The area in which Nelson has the least experience -- retail stores -- may be the most problematic for Office Depot, however. When the company missed its earnings targets in October -- reporting a drop in earnings per share for the first nine months -- the primary cause was slow sales at its domestic stores. Nelson doesn't see his relative lack of experience with retail as a deficiency; he says it allows him to judge the effectiveness of a store as a whole, rather than being distracted by individual merchandising issues. "The value I bring to the company (is) I haven't been trained in the retail industry. I look at the whole store and say, 'man, do I want to come in here or not?' This has to be a compelling place to shop," Nelson says.

With an internal review to be completed this month, Nelson promises a detailed turnaround plan that will likely include closing some underperforming stores and cutting warehouse costs. A major focus, he says, will be to transplant Viking's customer service culture to Office Depot's 48,000 employees.

A focus on service
How will he get hourly workers to care about customer service as much as he thinks they should? Nelson's short on specifics, making his desire to imbue Office Depot with Viking's customer service culture more a goal than a plan. He says he can do it through the "power of numbers." He believes his own passion will catch fire among senior executives, who will pass it all the way down to Office Depot's store clerks -- just as Helford did at Viking. There, Helford instituted tangible customer service policies such as same-day delivery in key markets, and, more important, succeeded at breathing the intangibles of customer service down through Viking's ranks. For a description of those, Helford credits his secretary: "People will forget what you say and customers will forget what you do, but they will never forget how you made them feel."

Nelson has asked Helford for a plan to provide upscale service in an Office Depot superstore setting, where, as Helford acknowledges, "service ain't so good."

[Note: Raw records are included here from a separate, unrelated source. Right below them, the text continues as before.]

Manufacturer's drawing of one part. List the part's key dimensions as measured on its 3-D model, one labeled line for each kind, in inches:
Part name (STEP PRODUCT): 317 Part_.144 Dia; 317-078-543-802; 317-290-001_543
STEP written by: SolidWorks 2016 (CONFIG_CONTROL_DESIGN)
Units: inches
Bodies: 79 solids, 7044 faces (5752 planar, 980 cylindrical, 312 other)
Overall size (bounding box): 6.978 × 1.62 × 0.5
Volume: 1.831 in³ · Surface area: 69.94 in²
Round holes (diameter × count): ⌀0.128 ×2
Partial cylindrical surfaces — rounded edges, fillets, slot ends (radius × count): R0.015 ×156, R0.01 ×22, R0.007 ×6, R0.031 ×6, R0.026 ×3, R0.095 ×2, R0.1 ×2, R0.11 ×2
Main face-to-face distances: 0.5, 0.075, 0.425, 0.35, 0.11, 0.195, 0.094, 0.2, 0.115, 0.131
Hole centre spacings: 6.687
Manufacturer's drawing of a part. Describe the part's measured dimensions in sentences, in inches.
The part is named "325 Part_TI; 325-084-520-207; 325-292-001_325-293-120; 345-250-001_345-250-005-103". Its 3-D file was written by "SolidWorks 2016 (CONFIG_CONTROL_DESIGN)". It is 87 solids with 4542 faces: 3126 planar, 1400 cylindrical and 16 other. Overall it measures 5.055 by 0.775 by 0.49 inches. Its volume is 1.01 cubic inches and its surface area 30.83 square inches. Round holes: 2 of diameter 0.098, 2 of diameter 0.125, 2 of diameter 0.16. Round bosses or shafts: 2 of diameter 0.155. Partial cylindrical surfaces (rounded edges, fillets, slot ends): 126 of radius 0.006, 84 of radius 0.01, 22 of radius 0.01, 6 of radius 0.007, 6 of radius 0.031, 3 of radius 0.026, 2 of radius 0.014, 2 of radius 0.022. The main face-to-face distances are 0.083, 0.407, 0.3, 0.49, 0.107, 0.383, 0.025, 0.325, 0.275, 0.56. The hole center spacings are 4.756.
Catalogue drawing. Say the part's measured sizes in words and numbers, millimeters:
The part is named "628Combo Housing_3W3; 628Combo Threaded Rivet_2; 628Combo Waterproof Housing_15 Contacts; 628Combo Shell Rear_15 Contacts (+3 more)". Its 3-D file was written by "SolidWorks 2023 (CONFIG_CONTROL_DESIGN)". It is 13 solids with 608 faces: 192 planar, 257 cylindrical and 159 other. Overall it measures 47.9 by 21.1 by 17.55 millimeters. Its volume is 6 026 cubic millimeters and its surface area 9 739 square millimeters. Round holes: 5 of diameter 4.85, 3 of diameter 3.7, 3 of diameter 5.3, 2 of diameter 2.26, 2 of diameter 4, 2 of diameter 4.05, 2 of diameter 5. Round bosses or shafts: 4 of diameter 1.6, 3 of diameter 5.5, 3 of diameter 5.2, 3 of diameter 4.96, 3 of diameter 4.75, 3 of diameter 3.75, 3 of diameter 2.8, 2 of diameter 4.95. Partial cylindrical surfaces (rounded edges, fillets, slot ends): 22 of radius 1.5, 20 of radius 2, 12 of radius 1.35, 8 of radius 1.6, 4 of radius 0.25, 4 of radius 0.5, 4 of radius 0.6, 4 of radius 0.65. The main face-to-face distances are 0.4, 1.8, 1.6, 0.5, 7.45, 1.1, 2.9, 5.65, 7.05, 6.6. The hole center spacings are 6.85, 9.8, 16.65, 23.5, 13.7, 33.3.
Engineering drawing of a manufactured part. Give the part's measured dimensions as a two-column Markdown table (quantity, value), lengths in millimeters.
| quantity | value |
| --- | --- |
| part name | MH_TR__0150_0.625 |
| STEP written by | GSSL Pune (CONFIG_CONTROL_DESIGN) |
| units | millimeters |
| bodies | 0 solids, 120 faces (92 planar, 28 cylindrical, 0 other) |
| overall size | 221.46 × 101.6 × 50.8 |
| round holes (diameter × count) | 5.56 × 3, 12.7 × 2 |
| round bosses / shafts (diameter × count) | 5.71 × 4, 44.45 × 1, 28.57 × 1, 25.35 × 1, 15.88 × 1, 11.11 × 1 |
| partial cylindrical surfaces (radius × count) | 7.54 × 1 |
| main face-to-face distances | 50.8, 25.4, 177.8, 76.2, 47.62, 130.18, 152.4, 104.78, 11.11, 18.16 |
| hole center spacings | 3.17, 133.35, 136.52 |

It won't be easy. And Staples and others -- from Best Buy in computers to Costco and Wal-Mart in paper -- will keep the pressure on. Part of Office Depot's poor showing in October came from having to slash prices on ink, toner and paper 6% to 12% to compete with discounters. "I still go to Office Depot occasionally but not like I used to, and that's what worries me," says Jon Goebel, chief investment officer at SouthTrust Bank's trusts and investment unit. A SouthTrust fund sold its significant stake in Office Depot this year for a tax loss.

Goebel says as long as there's no fundamental customer shift away from superstores to other outlets -- his chief concern -- Office Depot could become an "exciting" story by capitalizing on the strength of Viking, international and the Internet. The stock trades at nine times earnings compared with historic levels in the 30s. The low multiple suggests that investors have overreacted -- as if an earnings disaster were afoot, says John Thompson, president of a Wisconsin investment advisory firm, Thompson, Plumb & Associates, that has a sizable Office Depot holding. "I don't see how it could get a whole lot worse."